Records drawn from a dataset

####

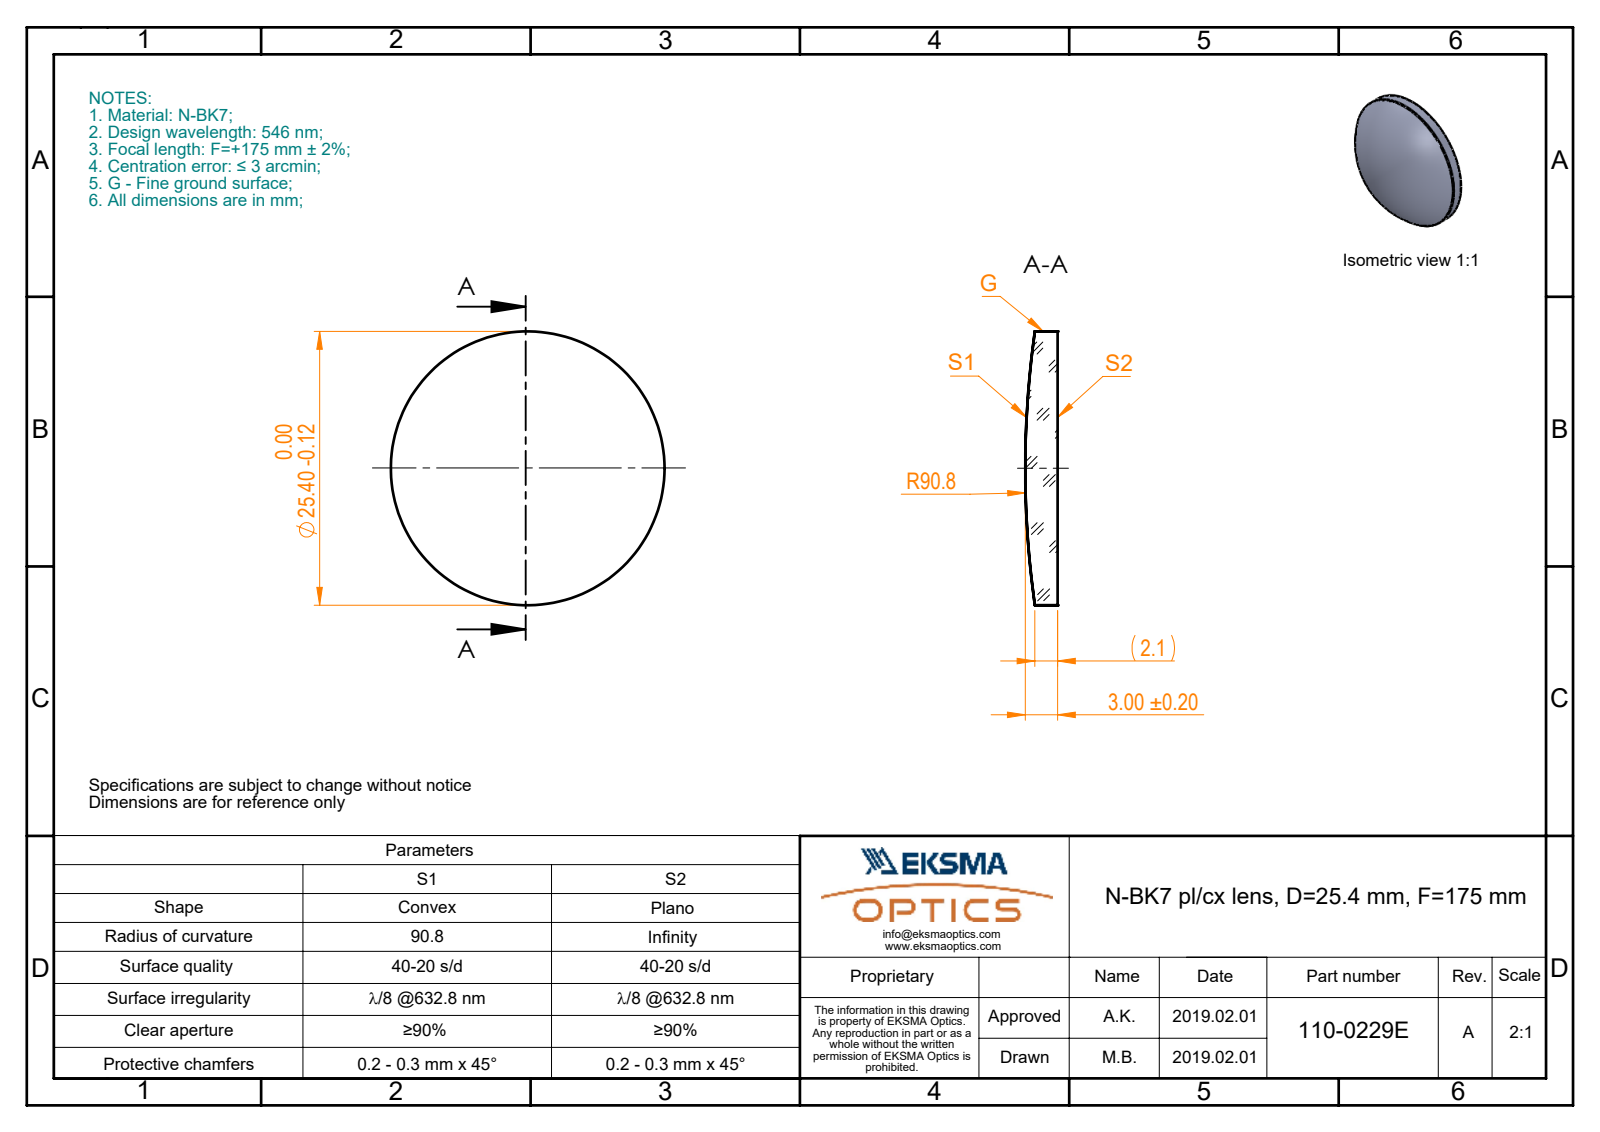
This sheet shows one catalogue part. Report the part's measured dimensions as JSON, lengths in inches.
{"part_name": "110-0229E BK7 pl-cx 25.4 F175", "step_written_by": "SolidWorks 2017 (CONFIG_CONTROL_DESIGN)", "units": "inches", "bodies": {"solids": 1, "faces": 5, "planar": 1, "cylindrical": 2, "other": 2}, "overall_size": [1, 1, 0.118], "volume_in3": 0.079, "surface_area_in2": 1.835, "round_bosses_or_shafts": [[1, 1]]}
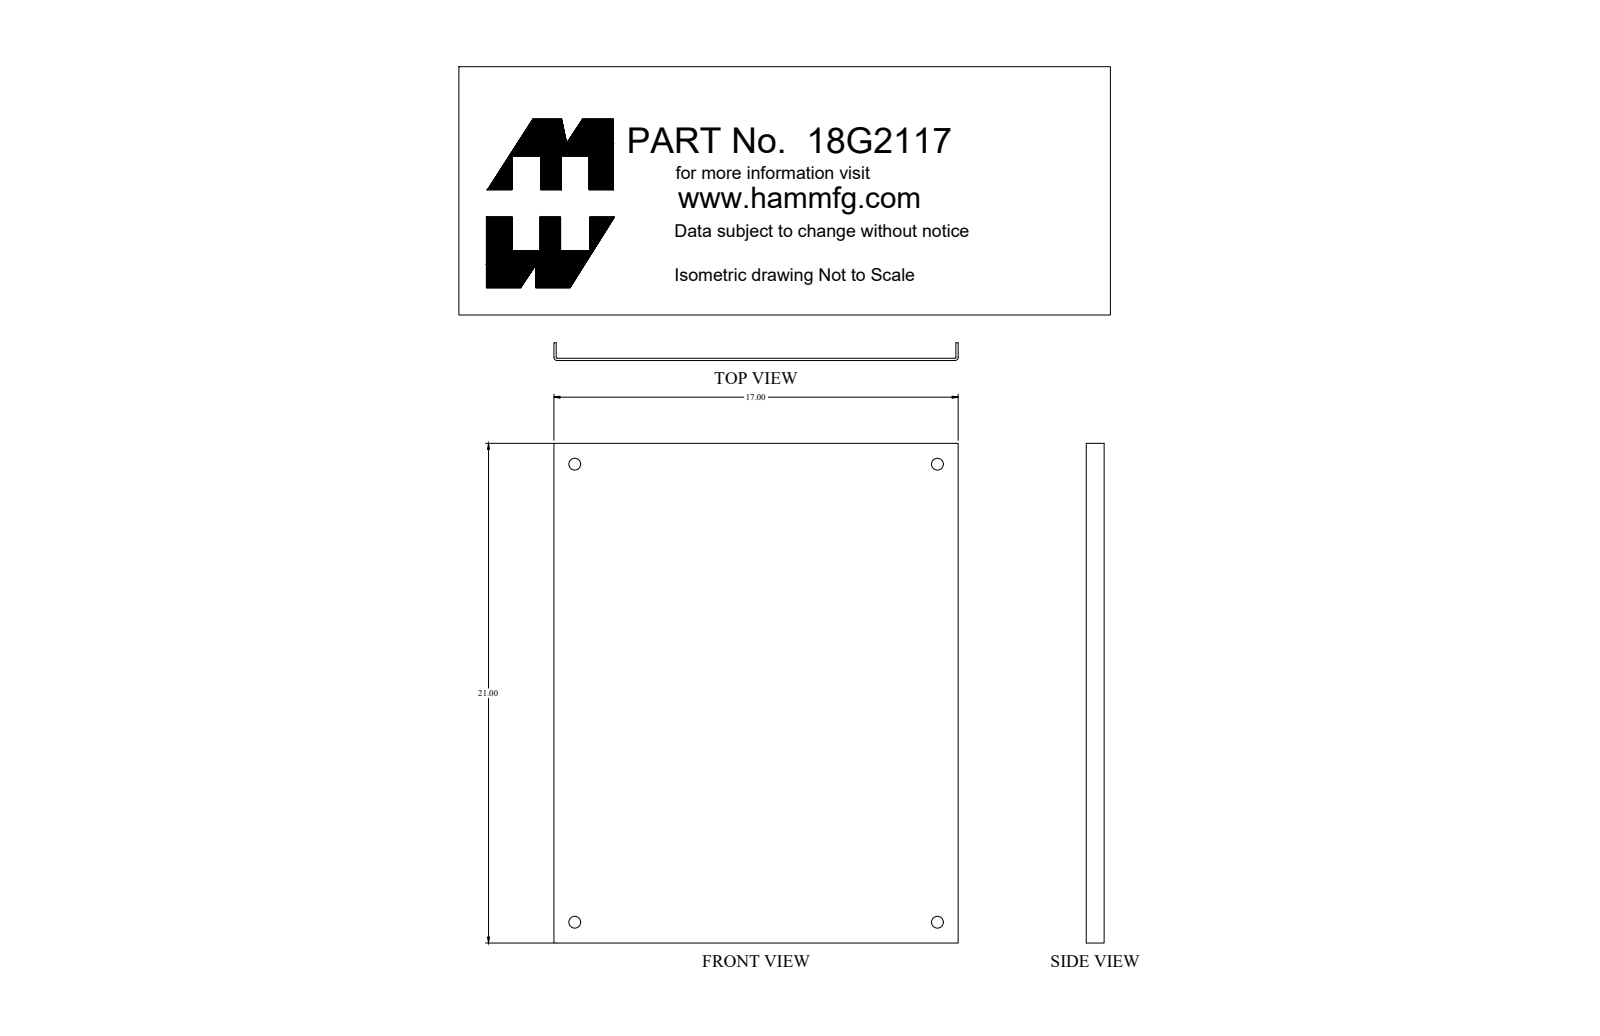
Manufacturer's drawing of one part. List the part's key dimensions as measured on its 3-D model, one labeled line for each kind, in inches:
Part name (STEP PRODUCT): 18G2117
STEP written by: SolidWorks 2018 (AUTOMOTIVE_DESIGN)
Units: inches
Bodies: 1 solid, 18 faces (10 planar, 8 cylindrical, 0 other)
Overall size (bounding box): 21 × 17 × 0.75
Volume: 36.32 in³ · Surface area: 772.7 in²
Round holes (diameter × count): ⌀0.5 ×4
Partial cylindrical surfaces — rounded edges, fillets, slot ends (radius × count): R0.03 ×2, R0.125 ×2
Main face-to-face distances: 0.095, 16.905, 17, 16.81, 0.75, 0.655, 21
Hole centre spacings: 15.25, 19.25, 24.558

####

**What is being asked**
Set down only the lines from the line with "Manufacturer's drawing of" through the last line of the data above, keeping both the first and the last.

**Task answer**
Manufacturer's drawing of one part. List the part's key dimensions as measured on its 3-D model, one labeled line for each kind, in inches:
Part name (STEP PRODUCT): 18G2117
STEP written by: SolidWorks 2018 (AUTOMOTIVE_DESIGN)
Units: inches
Bodies: 1 solid, 18 faces (10 planar, 8 cylindrical, 0 other)
Overall size (bounding box): 21 × 17 × 0.75
Volume: 36.32 in³ · Surface area: 772.7 in²
Round holes (diameter × count): ⌀0.5 ×4
Partial cylindrical surfaces — rounded edges, fillets, slot ends (radius × count): R0.03 ×2, R0.125 ×2
Main face-to-face distances: 0.095, 16.905, 17, 16.81, 0.75, 0.655, 21
Hole centre spacings: 15.25, 19.25, 24.558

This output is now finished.